A New Information Theoretical Concept: Information-Weighted Heavy-tailed Distributions

TL;DR

This paper introduces a novel class of heavy-tailed distributions derived from information-weighting of standard distributions, with properties suitable for applications sensitive to tail behavior.

Contribution

It defines a new information-theoretic method to generate heavy-tailed distributions from arbitrary continuous densities, including properties and asymptotic behavior analysis.

Findings

All proposed densities are heavy-tailed.

Information-weighted distributions preserve regular variation index.
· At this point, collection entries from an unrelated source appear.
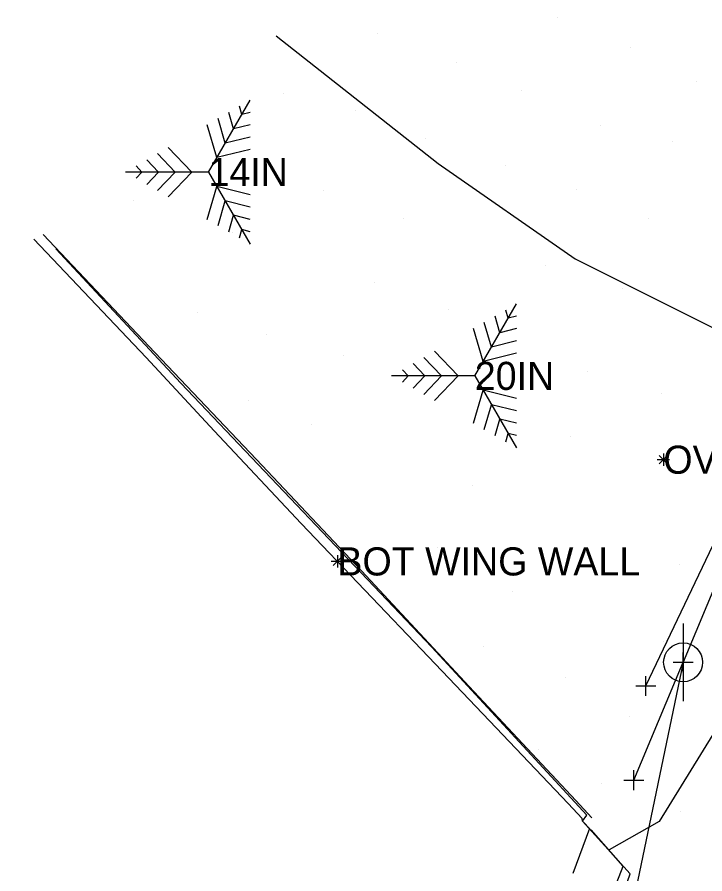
# Model space of a CAD drawing. Extents: x 1729983 to 1730242, y 468641 to 469019.
# Drawn here: x 1730042.9 to 1730086.9, y 468913 to 468967.9 of the extents above; entities that cross this region are included whole.
import ezdxf

# ---------------------------------------------------------------- set-up
doc = ezdxf.new("R2010")
doc.units = 0
for name, color, linetype in [('Default', 7, 'Continuous'), ('S_Bridge_Abutment_Bottom', 7, 'Continuous'), ('S_Bridge_Wingwall', 7, 'Continuous'), ('S_Ground_LevelString', 7, 'Continuous'), ('S_Ground_SpotElevation', 7, 'Continuous'), ('S_Misc_MiscFeature', 7, 'Continuous'), ('S_Misc_MiscItems', 7, 'Continuous'), ('S_Survey_Shot', 7, 'Continuous'), ('S_Text', 7, 'Continuous'), ('S_Trees_Bush_Line', 7, 'Continuous'), ('S_Trees_Conifer_Pay', 7, 'Continuous'), ('S_Utilities_AG_Communications', 7, 'Continuous'), ('S_Utilities_GuyWire3', 7, 'Continuous'), ('S_Utilities_Pole_Power', 7, 'Continuous')]:
    doc.layers.add(name, color=color, linetype=linetype)

# ---------------------------------------------------------------- blocks, each defined once
blk = doc.blocks.new('POINT_DISPLAY')
at = {"layer": 'Default'}
blk.add_line((0, 0), (0, 0), dxfattribs=at)

msp = doc.modelspace()

# ---------------------------------------------------------------- linework, layer by layer
at = {"layer": 'S_Bridge_Abutment_Bottom'}
msp.add_lwpolyline([(1730028.397, 468777.334), (1730030.386, 468778.233), (1730033.055, 468779.454), (1730033.218, 468779.896), (1730038.37, 468793.886), (1730045.609, 468813.805), (1730053.552, 468835.326), (1730061.264, 468856.585), (1730068.104, 468874.933), (1730077.288, 468899.639), (1730081.24, 468910.357), (1730081.674, 468911.604), (1730082.174, 468913.008), (1730079.112, 468916.385)], dxfattribs=at)
at = {"layer": 'S_Bridge_Wingwall'}
msp.add_lwpolyline([(1730079.111, 468916.384), (1730079.383, 468916.768), (1730069.47, 468927.525), (1730053.394, 468944.426), (1730045.376, 468953.015)], dxfattribs=at)
at = {"layer": 'S_Ground_LevelString'}
msp.add_lwpolyline([(1730044.577, 468953.94), (1730051.732, 468946.379), (1730058.225, 468939.521), (1730064.949, 468932.412), (1730071.861, 468925.004), (1730078.683, 468917.692), (1730079.71, 468916.591)], dxfattribs=at)
at = {"layer": 'S_Misc_MiscFeature'}
for points in [[(1730079.112, 468916.385), (1730079.088, 468916.552), (1730078.184, 468917.506), (1730073.577, 468922.347), (1730069.239, 468926.893), (1730061.1, 468935.438), (1730055.514, 468941.366), (1730051.166, 468946.064), (1730043.973, 468953.64)], [(1730079.111, 468916.384), (1730079.184, 468916.31), (1730079.561, 468915.895), (1730078.502, 468913.017)], [(1730028.819, 468777.529), (1730031.975, 468779.199), (1730034.887, 468787.021), (1730045.144, 468814.963), (1730055.236, 468842.487), (1730058.712, 468851.879), (1730068.635, 468878.922), (1730072.147, 468888.181), (1730075.727, 468897.903), (1730078.619, 468905.503), (1730081.717, 468913.484), (1730079.668, 468915.827)]]:
    msp.add_lwpolyline(points, dxfattribs=at)
at = {"layer": 'S_Misc_MiscItems'}
for p, q in [((1730084.552, 468939.258), (1730084.028, 468939.782)), ((1730084.552, 468939.782), (1730084.028, 468939.258)), ((1730084.29, 468939.913), (1730084.29, 468939.127)), ((1730084.683, 468939.52), (1730083.897, 468939.52)), ((1730063.678, 468932.744), (1730063.154, 468933.268)), ((1730063.678, 468933.268), (1730063.154, 468932.744)), ((1730063.416, 468933.399), (1730063.416, 468932.613)), ((1730063.809, 468933.006), (1730063.023, 468933.006))]:
    msp.add_line(p, q, dxfattribs=at)
at = {"layer": 'S_Survey_Shot'}
for p, q in [((1730085.557, 468925.91), (1730085.555, 468927.182)), ((1730084.92, 468926.545), (1730086.192, 468926.547)), ((1730085.556, 468926.546), (1730085.556, 468926.546)), ((1730083.168, 468924.395), (1730083.166, 468925.667)), ((1730082.531, 468925.03), (1730083.803, 468925.032)), ((1730083.167, 468925.031), (1730083.167, 468925.031)), ((1730082.4, 468918.367), (1730082.398, 468919.639)), ((1730081.763, 468919.002), (1730083.035, 468919.004)), ((1730082.399, 468919.003), (1730082.399, 468919.003))]:
    msp.add_line(p, q, dxfattribs=at)
at = {"layer": 'S_Trees_Bush_Line'}
msp.add_lwpolyline([(1730059.491, 468966.653), (1730069.864, 468958.481), (1730078.631, 468952.373), (1730087.606, 468947.904), (1730094.366, 468942.3), (1730094.314, 468936.887), (1730092.999, 468931.526), (1730087.455, 468921.933), (1730084.021, 468916.346), (1730080.816, 468914.539)], dxfattribs=at)
at = {"layer": 'S_Trees_Conifer_Pay'}
for p, q in [((1730055.16, 468957.936), (1730057.823, 468962.547)), ((1730057.289, 468961.624), (1730057.139, 468962.153)), ((1730056.755, 468960.7), (1730056.454, 468961.756)), ((1730057.823, 468961.756), (1730057.289, 468961.624)), ((1730056.226, 468959.78), (1730055.769, 468961.359)), ((1730055.692, 468958.859), (1730055.085, 468960.965)), ((1730057.823, 468960.965), (1730056.755, 468960.7)), ((1730057.823, 468960.177), (1730056.226, 468959.78)), ((1730054.094, 468957.936), (1730052.574, 468959.518)), ((1730057.823, 468959.383), (1730055.692, 468958.859)), ((1730053.031, 468957.936), (1730051.89, 468959.121)), ((1730050.899, 468957.936), (1730050.521, 468958.33)), ((1730051.965, 468957.936), (1730051.205, 468958.724)), ((1730055.16, 468957.936), (1730049.836, 468957.936)), ((1730050.521, 468957.542), (1730050.899, 468957.936)), ((1730051.205, 468957.145), (1730051.965, 468957.936)), ((1730051.89, 468956.748), (1730053.031, 468957.936)), ((1730052.574, 468956.354), (1730054.094, 468957.936)), ((1730055.16, 468957.936), (1730057.823, 468953.325)), ((1730055.085, 468954.907), (1730055.692, 468957.013)), ((1730057.823, 468956.486), (1730055.692, 468957.013)), ((1730055.769, 468954.51), (1730056.226, 468956.09)), ((1730057.823, 468955.695), (1730056.226, 468956.09)), ((1730056.454, 468954.113), (1730056.755, 468955.169)), ((1730057.823, 468954.907), (1730056.755, 468955.169)), ((1730057.139, 468953.719), (1730057.289, 468954.248)), ((1730057.823, 468954.113), (1730057.289, 468954.248)), ((1730072.214, 468944.884), (1730074.877, 468949.495)), ((1730074.343, 468948.572), (1730074.193, 468949.101)), ((1730073.809, 468947.648), (1730073.508, 468948.704)), ((1730074.877, 468948.704), (1730074.343, 468948.572)), ((1730072.746, 468945.807), (1730072.139, 468947.913)), ((1730073.28, 468946.728), (1730072.823, 468948.307)), ((1730074.877, 468947.913), (1730073.809, 468947.648)), ((1730074.877, 468947.125), (1730073.28, 468946.728)), ((1730071.148, 468944.884), (1730069.628, 468946.466)), ((1730074.877, 468946.331), (1730072.746, 468945.807)), ((1730069.019, 468944.884), (1730068.259, 468945.672)), ((1730070.085, 468944.884), (1730068.944, 468946.069)), ((1730067.953, 468944.884), (1730067.575, 468945.278)), ((1730072.214, 468944.884), (1730066.89, 468944.884)), ((1730067.575, 468944.49), (1730067.953, 468944.884)), ((1730068.259, 468944.093), (1730069.019, 468944.884)), ((1730068.944, 468943.696), (1730070.085, 468944.884)), ((1730069.628, 468943.302), (1730071.148, 468944.884)), ((1730072.214, 468944.884), (1730074.877, 468940.273)), ((1730072.139, 468941.855), (1730072.746, 468943.961)), ((1730074.877, 468943.434), (1730072.746, 468943.961)), ((1730072.823, 468941.458), (1730073.28, 468943.038)), ((1730074.877, 468942.643), (1730073.28, 468943.038)), ((1730073.508, 468941.061), (1730073.809, 468942.117)), ((1730074.877, 468941.855), (1730073.809, 468942.117)), ((1730074.193, 468940.667), (1730074.343, 468941.196)), ((1730074.877, 468941.061), (1730074.343, 468941.196))]:
    msp.add_line(p, q, dxfattribs=at)
at = {"layer": 'S_Utilities_AG_Communications'}
msp.add_lwpolyline([(1730120.945, 469004.632), (1730097.184, 468954.408), (1730085.556, 468926.546), (1730082.304, 468910.964), (1730034.658, 468781.323), (1729998.254, 468703.261)], dxfattribs=at)
at = {"layer": 'S_Utilities_GuyWire3'}
for points in [[(1730083.167, 468925.031), (1730097.184, 468954.408)], [(1730082.399, 468919.003), (1730085.556, 468926.546)]]:
    msp.add_lwpolyline(points, dxfattribs=at)
at = {"layer": 'S_Utilities_Pole_Power'}
msp.add_line((1730085.556, 468929.041), (1730085.556, 468924.051), dxfattribs=at)
msp.add_circle((1730085.556, 468926.546), 1.248, dxfattribs=at)

# ---------------------------------------------------------------- block references
at = {"layer": 'S_Ground_SpotElevation'}
for p in [(1730077.491, 468967.847), (1730066.012, 468966.778), (1730082.184, 468965.895), (1730071.014, 468964.962), (1730086.442, 468963.713), (1730059.953, 468962.959), (1730075.23, 468963.134), (1730064.555, 468961.851), (1730080.278, 468960.927), (1730069.029, 468960.063), (1730084.885, 468959.922), (1730058.232, 468958.472), (1730074.185, 468958.356), (1730062.545, 468956.737), (1730078.706, 468956.817), (1730050.384, 468956.144), (1730067.679, 468954.94), (1730083.324, 468954.938), (1730056.693, 468954.068), (1730076.763, 468951.951), (1730065.796, 468950.873), (1730081.694, 468950.477), (1730054.476, 468948.941), (1730070.542, 468949.154), (1730086.336, 468948.503), (1730058.903, 468947.507), (1730063.782, 468946.206), (1730079.41, 468945.174), (1730084.177, 468943.766), (1730057.702, 468943.332), (1730073.496, 468942.663), (1730061.744, 468941.747), (1730078.335, 468940.973), (1730072.037, 468937.836), (1730060.902, 468936.59), (1730069.853, 468933.92), (1730085.325, 468932.791), (1730074.648, 468931.061), (1730068.281, 468928.791), (1730072.758, 468927.574), (1730084.322, 468927.908), (1730078.037, 468925.556), (1730082.1, 468923.046), (1730076.268, 468920.95), (1730080.352, 468918.764), (1730085.403, 468917.005)]:
    msp.add_blockref('POINT_DISPLAY', p, dxfattribs=at)

# ---------------------------------------------------------------- texts
at = {"layer": 'S_Text'}
for s, p in [('14IN', (1730055.16, 468957.036)), ('20IN', (1730072.214, 468943.984)), ('OVERGROWTH', (1730084.29, 468938.62)), ('BOT WING WALL', (1730063.416, 468932.106))]:
    msp.add_text(s, height=1.8, dxfattribs=at).set_placement(p)

doc.saveas('drawing.dxf')

Additive property for joint distributions of independent variables.

Abstract

Given an arbitrary continuous probability density function, it is introduced a conjugated probability density, which is defined through the Shannon information associated with its cumulative distribution function. These new densities are computed from a number of standard distributions, including uniform, normal, exponential, Pareto, logistic, Kumaraswamy, Rayleigh, Cauchy, Weibull, and Maxwell-Boltzmann. The case of joint information-weighted probability distribution is assessed. An additive property is derived in the case of independent variables. One-sided and two-sided information-weighting are considered. The asymptotic behavior of the tail of the new distributions is examined. It is proved that all probability densities proposed here define heavy-tailed distributions. It is shown that the weighting of distributions regularly varying with extreme-value index $\alpha > 0$ still results in a regular variation distribution with the same index. This approach can be particularly valuable in applications where the tails of the distribution play a major role.